Pornography, Sexual Enhancement Products, and Sexual Risk of Female Sex Workers and their Clients in Southern India.

Author information

1
Population Health and Optimal Health Practices Research Unit, Centre de recherche du CHU de Québec, Hôpital du Saint-Sacrement, Quebec City, PQ, Canada. jbradley360@shaw.ca.
2
Centre for Global Public Health, Faculty of Medicine, University of Manitoba, 771 McDermot Avenue, Medical Rehabilitation Building, Room R070, Winnipeg, MB, R3E 0T6, Canada. jbradley360@shaw.ca.
3
Population Health and Optimal Health Practices Research Unit, Centre de recherche du CHU de Québec, Hôpital du Saint-Sacrement, Quebec City, PQ, Canada.
4
CHARME-India Project, Bangalore, India.
5
India KHPT Office, Bangalore, India.
6
Swasti-Health Resource Centre, Bangalore, India.
7
Centre for Global Public Health, Faculty of Medicine, University of Manitoba, 771 McDermot Avenue, Medical Rehabilitation Building, Room R070, Winnipeg, MB, R3E 0T6, Canada.

Abstract

Despite their large numbers, and important role in the HIV epidemic in India, male clients of female sex workers (FSWs) are a difficult to reach population and little is known about their sexual behaviors. Using data from an integrated behavioral and biological assessment of 684 clients in Bangalore in 2012, we examined factors associated with their reports of having sex with three or more different female sex workers in the last month, and anal sex with sex workers. We included sociodemographic and sexual behavior factors and, for the first time in client studies in India, included data on the use of pornography and sexual enhancement products (SEPs) such as pills, oils, and sprays, in our multivariable analyses of client risk. Seventy-eight percent of clients had seen pornographic material and 8% reported ever having used SEPs. The profiles of men practicing the two risk behaviors examined were quite different. Travel in the past year, drunkenness in the past month, young age at first commercial sex, non-use of condoms at last sex, and finding sex workers in public places (but not use of pornography and SEPs) were independently associated with multiple partnering.
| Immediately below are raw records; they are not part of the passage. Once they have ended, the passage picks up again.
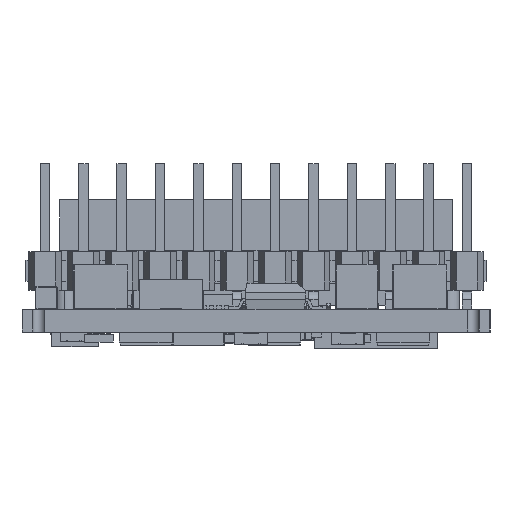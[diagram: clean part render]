
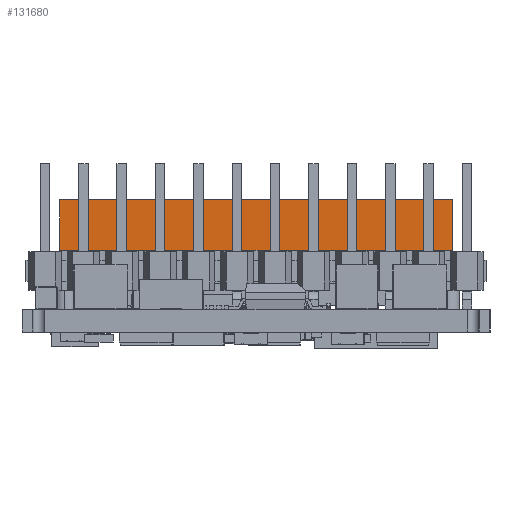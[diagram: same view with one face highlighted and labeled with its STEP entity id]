
A CAD part, left-side view. The second image highlights one B-rep face of the part: STEP entity #131680.
In plain terms, the highlighted planar face has unit normal (-1, 0, 0).
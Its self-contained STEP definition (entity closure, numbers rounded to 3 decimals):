
#40889=DIRECTION('',(0.,0.,-1.));
#40890=VECTOR('',#40889,3.35);
#40891=CARTESIAN_POINT('',(161.05,102.5,8.763));
#40892=LINE('',#40891,#40890);
#40945=DIRECTION('',(0.,0.,1.));
#40946=VECTOR('',#40945,3.35);
#40947=CARTESIAN_POINT('',(161.05,128.5,5.413));
#40948=LINE('',#40947,#40946);
#41036=DIRECTION('',(0.,-1.,0.));
#41037=VECTOR('',#41036,26.);
#41038=CARTESIAN_POINT('',(161.05,128.5,8.763));
#41039=LINE('',#41038,#41037);
#42184=DIRECTION('',(0.,1.,0.));
#42185=VECTOR('',#42184,26.);
#42186=CARTESIAN_POINT('',(161.05,102.5,5.413));
#42187=LINE('',#42186,#42185);
#91366=CARTESIAN_POINT('',(161.05,128.5,8.763));
#91367=VERTEX_POINT('',#91366);
#91368=CARTESIAN_POINT('',(161.05,102.5,8.763));
#91369=VERTEX_POINT('',#91368);
#91383=CARTESIAN_POINT('',(161.05,102.5,5.413));
#91385=VERTEX_POINT('',#91383);
#91386=CARTESIAN_POINT('',(161.05,128.5,5.413));
#91387=VERTEX_POINT('',#91386);
#131668=CARTESIAN_POINT('',(161.05,128.5,8.763));
#131669=DIRECTION('',(1.,0.,0.));
#131670=DIRECTION('',(0.,1.,0.));
#131671=AXIS2_PLACEMENT_3D('',#131668,#131669,#131670);
#131672=PLANE('',#131671);
#131674=ORIENTED_EDGE('',*,*,#131673,.T.);
#131675=ORIENTED_EDGE('',*,*,#131166,.T.);
#131676=ORIENTED_EDGE('',*,*,#131244,.T.);
#131677=ORIENTED_EDGE('',*,*,#131125,.T.);
#131678=EDGE_LOOP('',(#131674,#131675,#131676,#131677));
#131679=FACE_OUTER_BOUND('',#131678,.F.);
#131680=ADVANCED_FACE('',(#131679),#131672,.F.);
#131125=EDGE_CURVE('',#91369,#91385,#40892,.T.);
#131166=EDGE_CURVE('',#91387,#91367,#40948,.T.);
#131244=EDGE_CURVE('',#91367,#91369,#41039,.T.);
#131673=EDGE_CURVE('',#91385,#91387,#42187,.T.);
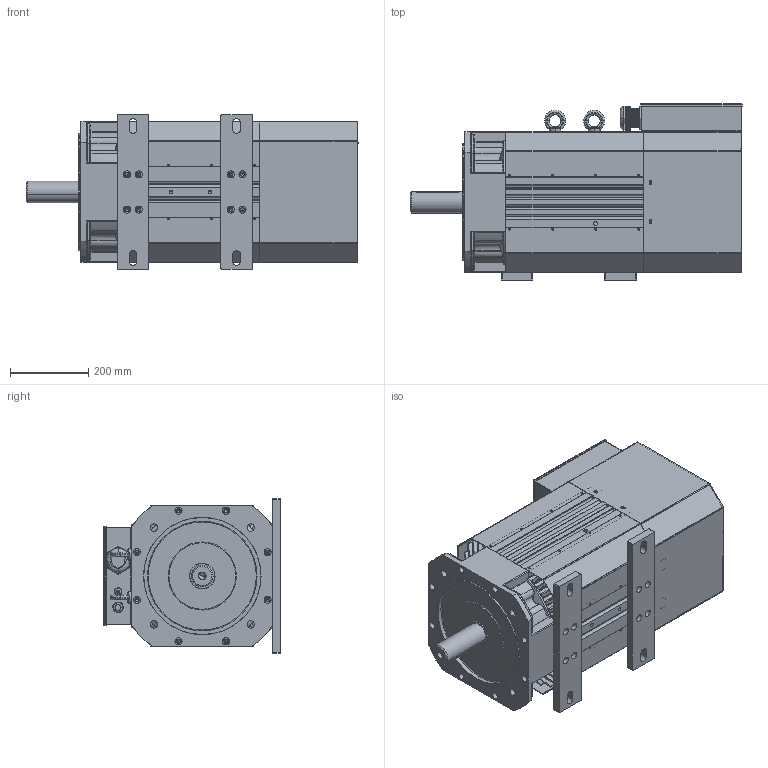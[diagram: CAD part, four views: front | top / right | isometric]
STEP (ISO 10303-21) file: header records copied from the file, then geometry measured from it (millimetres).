
FILE_DESCRIPTION (( 'STEP AP203' ), '1' );
FILE_NAME ('360S-B35-55J 俋倛芞.STEP', '2022-04-16T00:37:53', ( '' ), ( '' ), 'SwSTEP 2.0', 'SolidWorks 2016', '' );
FILE_SCHEMA (( 'CONFIG_CONTROL_DESIGN' ));
Length unit declared in the file: millimetre
Products named in the file (17): 360前盖新开模20210428; 蹟杶M20 1; 360陔羲耀綴裔20210429; 360諉盄碟 1; M12裂遠; 360菁褐200笢陑詢; 蹟杶M16 1; 360諉盄碟裔 1; 360綴裔瑞欶諉盄碟; 360S婦晚; 360瑞欶 瑞儂89.5mm謂擒V3.0; 55J粣; 360S-B35-55J 俋倛芞; ﾇｰｸﾇ+55J; 360諉盄碟郪璃; 蹟杶M50 1; 360S儂褲ㄗ陔羲耀ㄘ
Assembly tree (21 placements, depth 4):
  360S-B35-55J 俋倛芞
    360S儂褲ㄗ陔羲耀ㄘ
    ﾇｰｸﾇ+55J
      360前盖新开模20210428
      55J粣
    360綴裔瑞欶諉盄碟
      360陔羲耀綴裔20210429
      360瑞欶 瑞儂89.5mm謂擒V3.0
      360諉盄碟郪璃
        360諉盄碟 1
        360諉盄碟裔 1
        蹟杶M16 1
        蹟杶M20 1
        蹟杶M50 1
    360S婦晚  x4
    360菁褐200笢陑詢  x2
    M12裂遠  x2
Bounding box: 848 x 450.5 x 395 mm (x, y, z)
Volume: 16853212.5 mm3; surface area: 4247788 mm2
Topology: 18 solids, 18 shells, 3814 faces, 10213 edges, 6359 vertices
Faces by surface type: plane 2026, cylinder 983, bspline 321, cone 257, torus 165, sphere 62
Entity records: 141270 total; most frequent: CARTESIAN_POINT 51496, ORIENTED_EDGE 19190, DIRECTION 17056, EDGE_CURVE 9595, VECTOR 6146, LINE 6146, VERTEX_POINT 6078, AXIS2_PLACEMENT_3D 5455

Sex with a man or transsexual, being a white collar worker, seeking out FSWs at home, pornography and SEP use, and condom use at last FSW sex, were all independently associated with anal sex with an FSW. More research is needed to better understand the links between pornography and SEPs, and HIV risk behaviors, and HIV prevention programs need to be cognizant of the importance of ensuring that condom use is adequately promoted and supported in the context of anal sex in female sex worker-client interactions.

KEYWORDS:

Anal sex; Clients of female sex workers; Female sex workers; HIV risk behaviors; India; Pornography; Sexual enhancement products

PMID:
25905909
DOI:
10.1007/s10508-015-0486-4
[Indexed for MEDLINE]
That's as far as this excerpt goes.